Three new attack variants, dubbed GDDRHammer, GeForge, and GPUBreach, exploit GDDR6 memory in Nvidia Ampere generation GPUs. They force bit flips in GPU memory that can be leveraged to compromise the entire host system. GeForge induced over eleven hundred bit flips on an RTX 3060.
But this is limited to older cards?
Confirmed only on the RTX 3060 and RTX A6000, both Ampere architecture. Nvidia's newer Hopper and Blackwell GPUs already have mitigations. There are defenses available, enabling ECC memory and IOMMU at the system level. And there's no evidence of real-world exploitation yet. The concern is more about what it demonstrates. GPU memory is now a viable attack surface, and in shared cloud environments where multiple tenants share GPU clusters, that opens questions about workload isolation.

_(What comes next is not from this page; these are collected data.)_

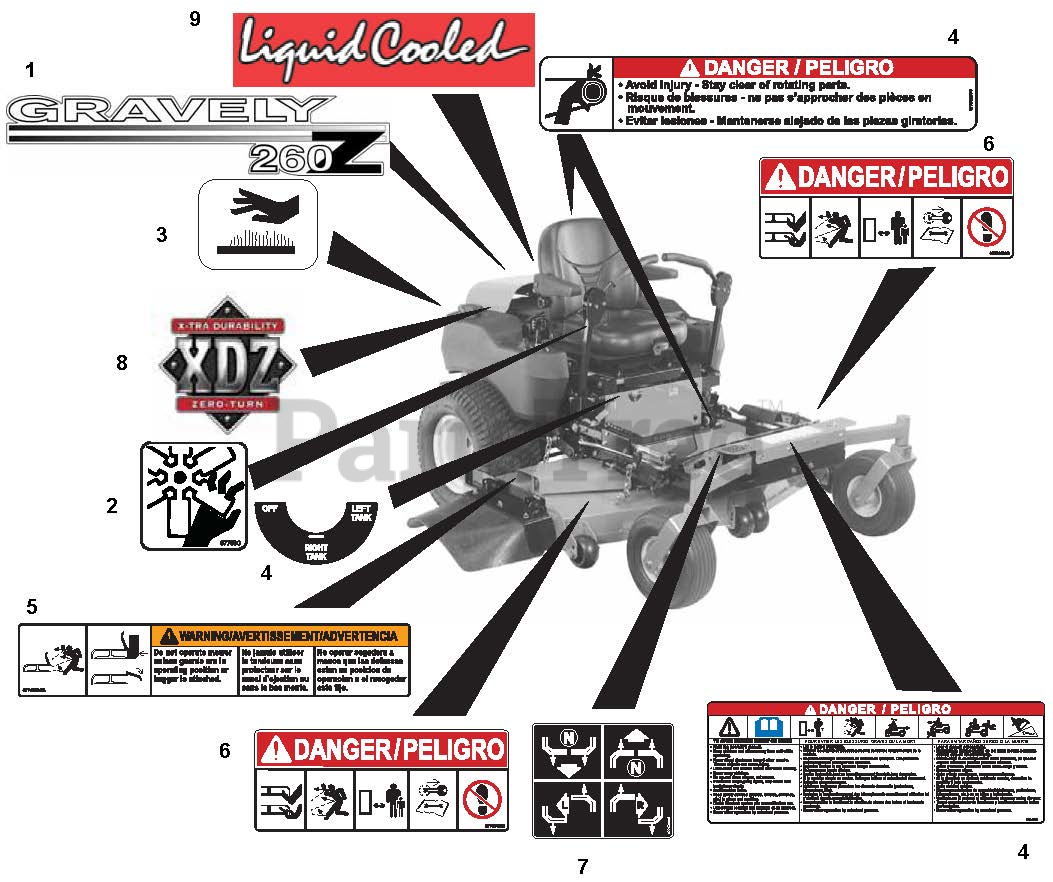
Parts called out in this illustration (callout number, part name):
1	Decal, PM-252Z Hood
1	Decal, PM-260Z Hood
1	Decal, PM-272Z Hood
1	Decal, PM-266Z Hood
2	Decal, Danger Fan
3	Decal-Hot Surface
4	Set, Decal-Common Danger/Fuel
5	Decal, Warning
6	Decal, Mower Pan Head Danger
7	Decal-Instructional
8	Decal, XDZ
9	Decal, Liquid Cooled
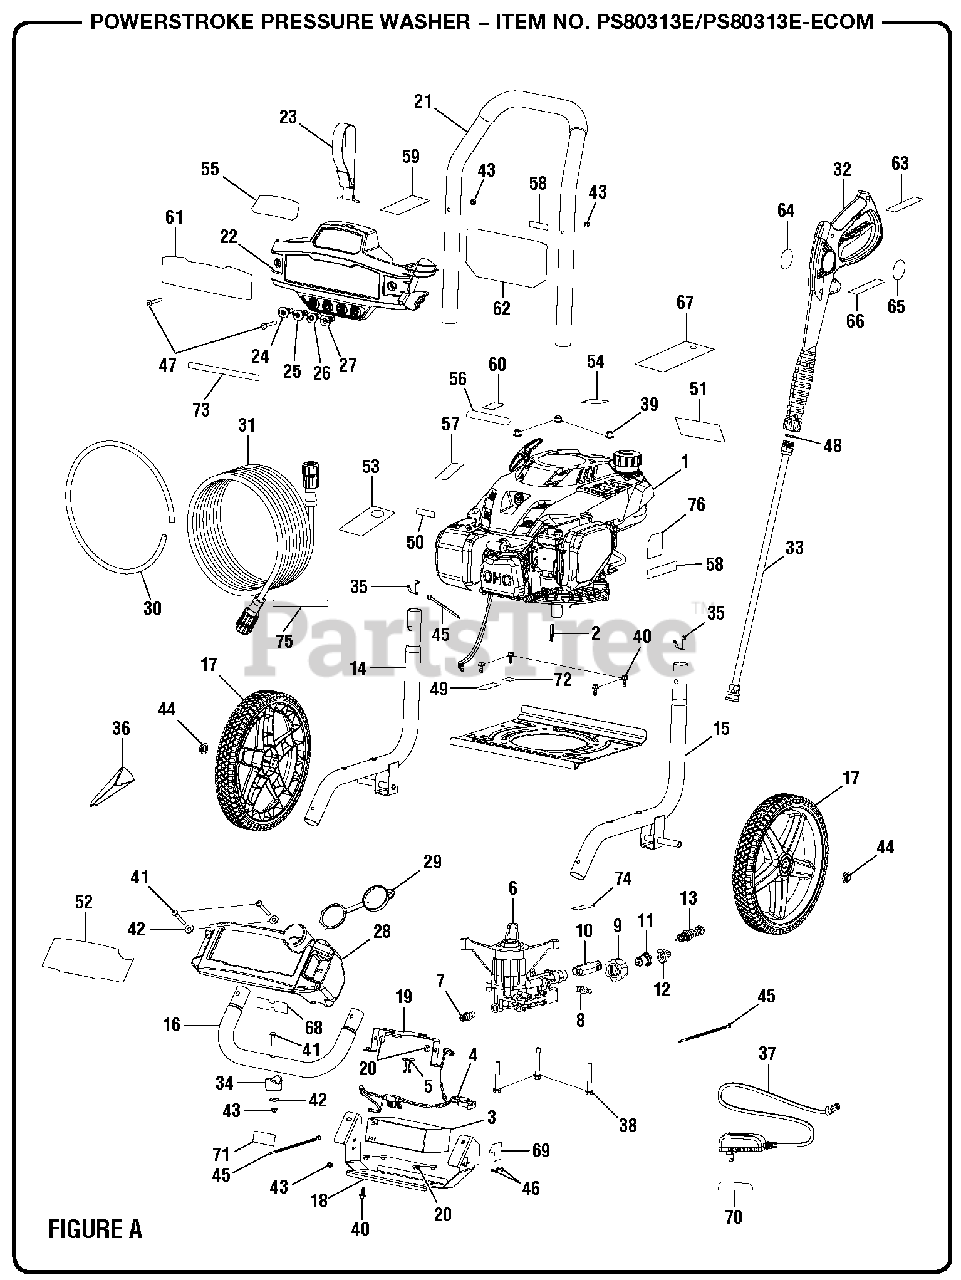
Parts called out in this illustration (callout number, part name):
2	Output Shaft Key
3	Battery
4	Battery and Charger Wire Harness
5	Adhesive Backed Cable Twist Tie
6	Pump
7	Thermal Release Valve
8	Soap Injector Kit
9	Inlet Filter Adapter
10	Outlet Tube
11	Inlet Filter Connector
12	Inlet Filter Screen
13	Unloader Valve Assembly
14	Left Frame Assembly
15	Right Frame Assembly
16	Front Frame Assembly
18	Battery Mount Bracket
19	Battery Hold Down
21	Handle Assembly
22	Hose & Nozzle Holder Assembly
23	Hose Holder Strap
24	0deg Deg Nozzle
25	25deg Deg Nozzle
26	40deg Deg Nozzle
27	Soap Nozzle
28	Soap Tank
29	Soap Tank Cap
30	Chemical Siphon Tube
31	Hose (30 ft.)
32	Trigger Handle Assembly
33	Wand Assembly
35	Handle Spring Clip
37	Battery Charger
38	Bolt (M8 x 60 mm, Flange Hex Hd.)
39	Flange Lock Nut (M8)
40	Flange Bolt (M6 x 16 mm)
41	Screw (M6 x 48 mm, T-30 Torx Hd.)
42	Washer (1/4 in.)
43	Lock Nut (M6)
44	Wheel Cap
46	Screw (M4 x 12 mm, T-20 Torx Hd.)
47	Bolt (M6 x 42 mm, T-30 Torx Pan Hd.)
49	Combustion Warning Label
50	Choke Label
51	Danger Label
52	Detergent Tank Label
53	Oil Dipstick Hang Tag
54	E85 Label
55	Electric Start Label
56	Subaru Label
57	Hot Surface Label
58	Inquiries Label
59	Standard Nozzle Hangtag
61	Performance Label
62	Quick Start Label
63	Trigger Handle Warning Label (Fr/Sp)
64	Trigger Wand Logo Label
65	Trigger Handle Warning Label (En)
66	Trigger Handle Spec Label
67	Danger Hang Tag
68	Battery Cordwrap Label
69	Battery Bracket Label
70	Battery Maintainer Label
71	Battery Replacement Label
72	Add Oil Label
73	Nozzle Selection Label
74	Hose Outlet Label
75	Hose Hangtag
76	Fuel Valve Label
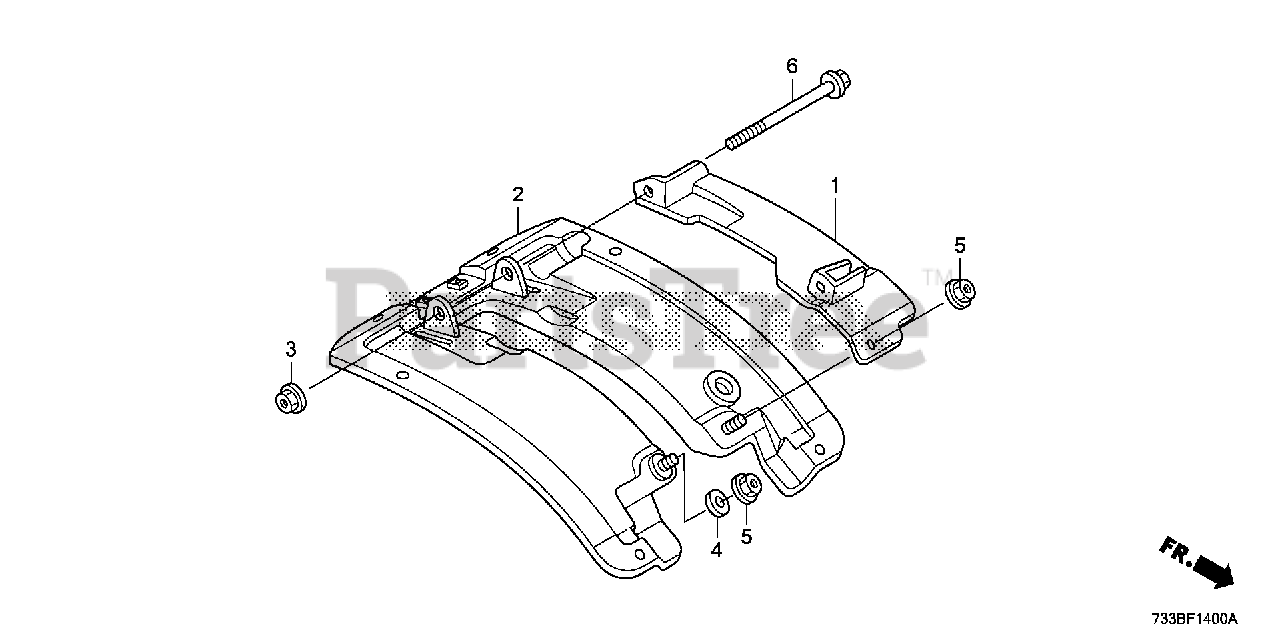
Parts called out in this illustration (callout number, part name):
1	PLATE, REINFORCE
2	FENDER, MAIN *R280* (POWER RED)
3	NUT, FLANGE (10MM)
4	WASHER (9X22X4.5)
5	NUT, FLANGE (8MM)
6	BOLT, FLANGE (10X90)

Especially relevant as billions pour into GPU infrastructure.
GPU security is becoming infrastructure security. It's early, but the research community has opened a door that won't close.
Now for something delightful. A project called Apfel went absolutely viral on Hacker News, six hundred and sixty points. It unlocks Apple's built-in AI model from the command line. Marcus, what's the appeal?
Every Apple Silicon Mac running macOS 26 ships with a three-billion-parameter language model optimized for the neural engine. Apple built it for Siri and system features, but Apfel exposes it three ways. A Unix CLI with stdin and stdout piping, an OpenAI-compatible HTTP server on localhost, and interactive chat. No API keys, no cloud connection, no subscription, no downloads. It's already on your machine.
The privacy angle drove a lot of the enthusiasm.
Enormous enthusiasm. But there are real limitations. Four thousand ninety-six token context window, about three thousand words. Slower than cloud APIs. And capability-wise, roughly comparable to Qwen 3 4B from a year ago. Some users also flagged security concerns about exposing local models via HTTP, noting that random web pages could potentially send requests to that port.
But combined with Gemma 4 launching under Apache 2.0, which we covered yesterday, and that viral Ollama setup guide hitting nearly three hundred points on Hacker News, local AI is having quite a week.
The convergence is striking. Capable open models, easy deployment tools, powerful consumer hardware. All arriving the same week Anthropic cracks down on subscription usage. Developers are actively exploring alternatives to cloud AI dependency, and the tools to do it are suddenly everywhere.
Last one. Meta open-sourced ReproProver, AI agents that automatically formalize mathematics textbooks into verified proofs. Interesting because?
Multiple specialized agents, sketchers, provers, maintainers, and reviewers, coordinate to read textbook content and convert it into formally verified proofs in the Lean programming language. They share a file-system-based issue tracker and a central knowledge document. It's agentic AI applied to deeply intellectual work beyond just coding. If it scales, automating mathematical formalization could transform how mathematics is taught and verified.
Multi-agent systems doing real intellectual heavy lifting. That's where things are headed.
Saturday big picture. Anthropic charges more, Google gives away more, and developers reach for local alternatives. Marcus, what's the thread this week?
The economic model of cloud AI is fracturing in real time. Anthropic can't afford to subsidize heavy users. Google is weaponizing open-source to commoditize the competition. Apple ships capable models on every Mac for free. And the research says users who do rely on cloud AI aren't even thinking critically about the outputs. The industry is being squeezed from both ends. Costs are rising for providers, and free alternatives are multiplying for users. The companies that survive will be the ones offering something you genuinely cannot run locally. Everything else is heading toward commodity pricing or zero.
And in the middle of all that, humans are forgetting how to think for themselves.
Which might be the most important story we covered today. All the economics in the world don't matter if we're building tools that make us less capable of using them wisely.
That's your AI in 15 for Saturday, April 4, 2026. See you Monday.